而漏洞產生的時間問題,很可能就是出在這個“楚平王”身上。
《文子》當中也經常提到“平王”,但很可能,這人根本不是周幽王之後的周平王,而指的是楚國這位楚平王!楚國之所以不接受王子朝,是因為太史聃的弟子文子,早就是楚平王的座上賓,楚國自然就沒必要再接收這批竹簡、玉版、青銅銘文,來白白惹怒周邊諸侯了。
而這個時候,王子朝帶走了藏室之中的王室實錄、天子誥命、諸侯盟誓、禮樂制度、天文曆法、宗法圖譜,親傳弟子文子也已經去往楚國傳播黃老之學,隱居幕後功成身退的老子,才開始了自己的計劃。

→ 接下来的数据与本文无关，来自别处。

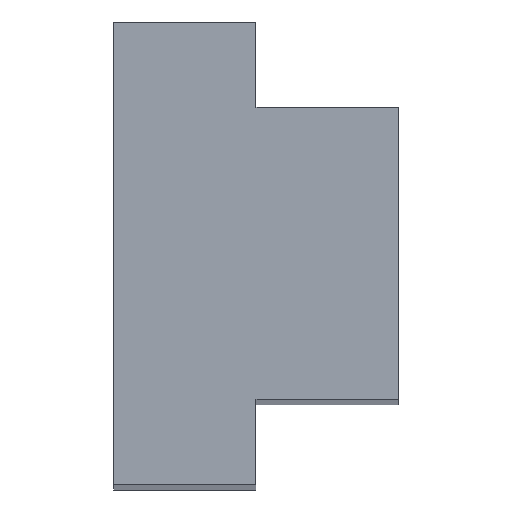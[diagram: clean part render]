
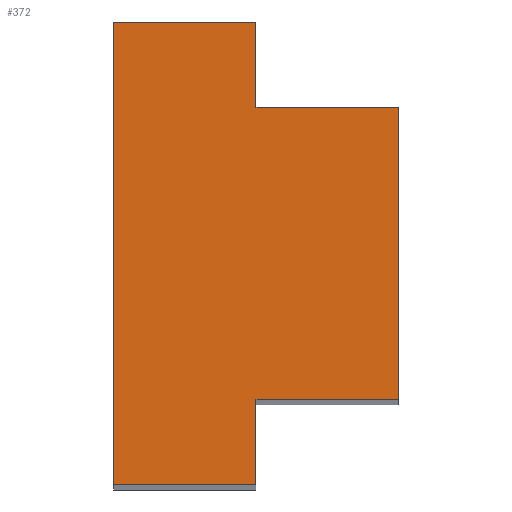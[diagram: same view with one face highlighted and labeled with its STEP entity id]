
A CAD part, top view. The second image highlights one B-rep face of the part: STEP entity #372.
In plain terms, the highlighted planar face has unit normal (0, 0, 1).
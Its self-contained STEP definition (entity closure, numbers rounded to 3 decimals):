
#12 = VECTOR ( 'NONE', #100, 1000. ) ;
#23 = PLANE ( 'NONE',  #367 ) ;
#25 = CARTESIAN_POINT ( 'NONE',  ( 4., 4.1, 45. ) ) ;
#26 = CARTESIAN_POINT ( 'NONE',  ( 8., 4.1, 45. ) ) ;
#27 = VECTOR ( 'NONE', #58, 1000. ) ;
#28 = ORIENTED_EDGE ( 'NONE', *, *, #101, .T. ) ;
#35 = CARTESIAN_POINT ( 'NONE',  ( 4., -4.1, 45. ) ) ;
#42 = EDGE_CURVE ( 'NONE', #72, #360, #349, .T. ) ;
#45 = VECTOR ( 'NONE', #67, 1000. ) ;
#58 = DIRECTION ( 'NONE',  ( -1., 0., 0. ) ) ;
#59 = CARTESIAN_POINT ( 'NONE',  ( 4., 6.5, 45. ) ) ;
#62 = VERTEX_POINT ( 'NONE', #59 ) ;
#67 = DIRECTION ( 'NONE',  ( 0., 1., 0. ) ) ;
#71 = CARTESIAN_POINT ( 'NONE',  ( 0., -6.5, 45. ) ) ;
#72 = VERTEX_POINT ( 'NONE', #26 ) ;
#76 = VECTOR ( 'NONE', #287, 1000. ) ;
#100 = DIRECTION ( 'NONE',  ( 0., -1., 0. ) ) ;
#101 = EDGE_CURVE ( 'NONE', #418, #319, #346, .T. ) ;
#105 = ORIENTED_EDGE ( 'NONE', *, *, #359, .T. ) ;
#114 = CARTESIAN_POINT ( 'NONE',  ( 4., 4.1, 45. ) ) ;
#116 = LINE ( 'NONE', #268, #27 ) ;
#141 = CARTESIAN_POINT ( 'NONE',  ( 0., -6.5, 45. ) ) ;
#145 = CARTESIAN_POINT ( 'NONE',  ( 0., 6.5, 45. ) ) ;
#148 = VERTEX_POINT ( 'NONE', #141 ) ;
#156 = EDGE_CURVE ( 'NONE', #313, #148, #209, .T. ) ;
#163 = DIRECTION ( 'NONE',  ( 0., 1., 0. ) ) ;
#167 = VECTOR ( 'NONE', #163, 1000. ) ;
#173 = EDGE_CURVE ( 'NONE', #202, #418, #212, .T. ) ;
#175 = VECTOR ( 'NONE', #368, 1000. ) ;
#194 = ORIENTED_EDGE ( 'NONE', *, *, #413, .T. ) ;
#202 = VERTEX_POINT ( 'NONE', #354 ) ;
#209 = LINE ( 'NONE', #429, #12 ) ;
#212 = LINE ( 'NONE', #247, #45 ) ;
#216 = ORIENTED_EDGE ( 'NONE', *, *, #173, .T. ) ;
#219 = CARTESIAN_POINT ( 'NONE',  ( 8., -4.1, 45. ) ) ;
#230 = DIRECTION ( 'NONE',  ( -1., 0., 0. ) ) ;
#232 = LINE ( 'NONE', #25, #167 ) ;
#238 = FACE_OUTER_BOUND ( 'NONE', #252, .T. ) ;
#247 = CARTESIAN_POINT ( 'NONE',  ( 4., -6.5, 45. ) ) ;
#248 = EDGE_CURVE ( 'NONE', #148, #202, #462, .T. ) ;
#252 = EDGE_LOOP ( 'NONE', ( #216, #28, #194, #388, #105, #293, #455, #330 ) ) ;
#255 = DIRECTION ( 'NONE',  ( 1., 0., 0. ) ) ;
#267 = VECTOR ( 'NONE', #255, 1000. ) ;
#268 = CARTESIAN_POINT ( 'NONE',  ( 4., 6.5, 45. ) ) ;
#273 = CARTESIAN_POINT ( 'NONE',  ( 8., 4.1, 45. ) ) ;
#281 = VECTOR ( 'NONE', #230, 1000. ) ;
#287 = DIRECTION ( 'NONE',  ( 1., 0., 0. ) ) ;
#293 = ORIENTED_EDGE ( 'NONE', *, *, #384, .T. ) ;
#308 = CARTESIAN_POINT ( 'NONE',  ( 8., -4.1, 45. ) ) ;
#313 = VERTEX_POINT ( 'NONE', #145 ) ;
#319 = VERTEX_POINT ( 'NONE', #219 ) ;
#330 = ORIENTED_EDGE ( 'NONE', *, *, #248, .T. ) ;
#335 = DIRECTION ( 'NONE',  ( -1., 0., 0. ) ) ;
#340 = CARTESIAN_POINT ( 'NONE',  ( 4., -4.1, 45. ) ) ;
#346 = LINE ( 'NONE', #35, #76 ) ;
#349 = LINE ( 'NONE', #273, #281 ) ;
#354 = CARTESIAN_POINT ( 'NONE',  ( 4., -6.5, 45. ) ) ;
#359 = EDGE_CURVE ( 'NONE', #360, #62, #232, .T. ) ;
#360 = VERTEX_POINT ( 'NONE', #114 ) ;
#367 = AXIS2_PLACEMENT_3D ( 'NONE', #447, #377, #335 ) ;
#368 = DIRECTION ( 'NONE',  ( 0., 1., 0. ) ) ;
#372 = ADVANCED_FACE ( 'NONE', ( #238 ), #23, .F. ) ;
#377 = DIRECTION ( 'NONE',  ( 0., 0., -1. ) ) ;
#384 = EDGE_CURVE ( 'NONE', #62, #313, #116, .T. ) ;
#388 = ORIENTED_EDGE ( 'NONE', *, *, #42, .T. ) ;
#407 = LINE ( 'NONE', #308, #175 ) ;
#413 = EDGE_CURVE ( 'NONE', #319, #72, #407, .T. ) ;
#418 = VERTEX_POINT ( 'NONE', #340 ) ;
#429 = CARTESIAN_POINT ( 'NONE',  ( 0., 6.5, 45. ) ) ;
#447 = CARTESIAN_POINT ( 'NONE',  ( 0., 0., 45. ) ) ;
#455 = ORIENTED_EDGE ( 'NONE', *, *, #156, .T. ) ;
#462 = LINE ( 'NONE', #71, #267 ) ;
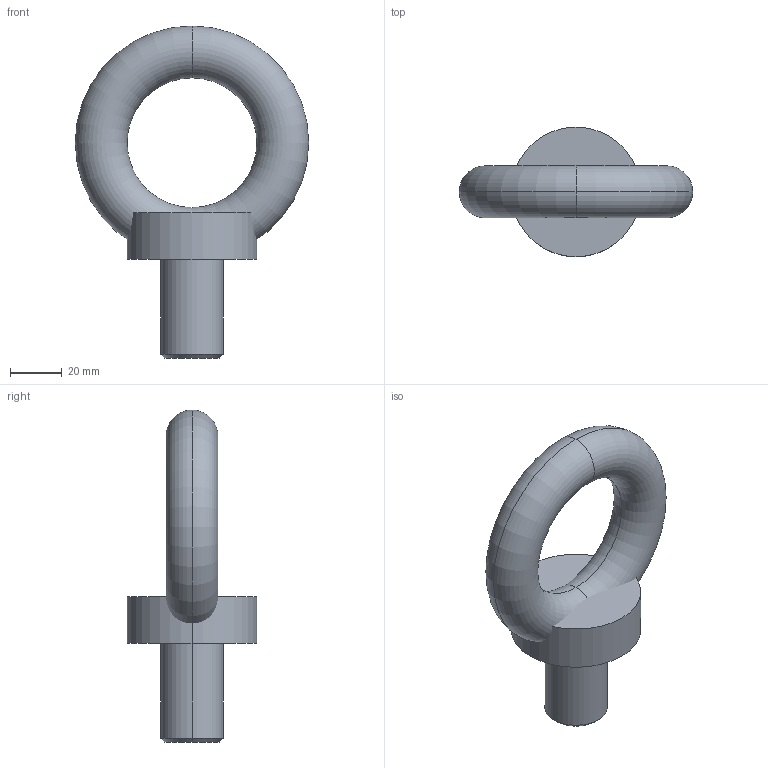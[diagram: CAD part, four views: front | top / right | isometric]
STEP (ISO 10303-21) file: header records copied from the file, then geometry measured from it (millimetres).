
FILE_DESCRIPTION (( 'STEP AP214' ), '1' );
FILE_NAME ('BruyRubio_CAN-24.STEP', '2019-12-22T22:55:15', ( '' ), ( '' ), 'SwSTEP 2.0', 'SolidWorks 2017', '' );
FILE_SCHEMA (( 'AUTOMOTIVE_DESIGN' ));
Length unit declared in the file: millimetre
Products named in the file (1): BruyRubio_CAN-24
Bounding box: 90 x 50 x 128 mm (x, y, z)
Volume: 121549.4 mm3; surface area: 28631.2 mm2
Topology: 3 solids, 3 shells, 18 faces, 34 edges, 20 vertices
Faces by surface type: cylinder 8, plane 4, torus 4, cone 2
Entity records: 716 total; most frequent: DIRECTION 96, CARTESIAN_POINT 73, ORIENTED_EDGE 68, AXIS2_PLACEMENT_3D 43, EDGE_CURVE 34, CIRCLE 24, UNCERTAINTY_MEASURE_WITH_UNIT 23, SURFACE_STYLE_FILL_AREA 22

“我想,老子為周守藏室之史,掌管天下圖書庫藏。他熟知周朝所有的典籍庫藏,卻唯獨缺了因周幽王而失散在周原的那些東西。而周幽王的那些典籍庫藏,後來被秦文公找回,恐怕有一部分根本沒有交回天子,而是悄悄收藏在了秦國的典籍庫中。”
“江某身為揮犀客,自然知道記載於上古三代簡牘骨片中的詭譎文字,刻毒知識,對於凡人來說絕非好事。道祖老子在其中浸淫多年,或許就是他出於某種目的,縱容王子朝將那些不該留存史上的東西帶走的吧?”
羅淳一負手而立,衣袂飄飄,彷彿從水墨山水畫中走出的仙人,看著江聞的眼神似是悲憫,又似無可奈何。
“公子真乃天下奇男子。竟然能從蛛絲馬跡中,推測出這麼多東西。你說得一點都沒錯,老子西出函谷關,就是為了秦國的典籍庫藏。”
羅淳一又過了許久才長嘆一聲,語焉不詳地說道,“世人只知紫氣東來,卻無人知曉道祖想做甚麼,或許也只是拼卻殘生也要去看看,還能不能多爭取一點時間……”
江聞點了點頭,說道:“原來如此。不過,我還有一件事要告訴前輩——接下來請無需留手,因為我已經和首羅王交過手了。”
羅淳一的表情瞬間變得十分精彩。他先是震驚,然後是疑惑,最後是興奮。他看著江聞,眼睛裡閃爍著異樣的光芒。
“竟然有如此之事,他的伏藏法果真成就了?!”
羅淳一朗聲笑道,再無之前的扭捏,反而直言不諱道,“那我今日,必定要全力以赴了。“
江聞也朗聲而笑,同時拍案而起,一道橫貫大殿的凌厲劍氣湧現而出,駱霜兒連忙拉著江聞的衣袖,擔心地問道:“聞哥你可有把握?“
“不就是現代最強對史上最強嘛。”
江聞轉過頭,看著駱霜兒,臉上露出了一個自信的笑容。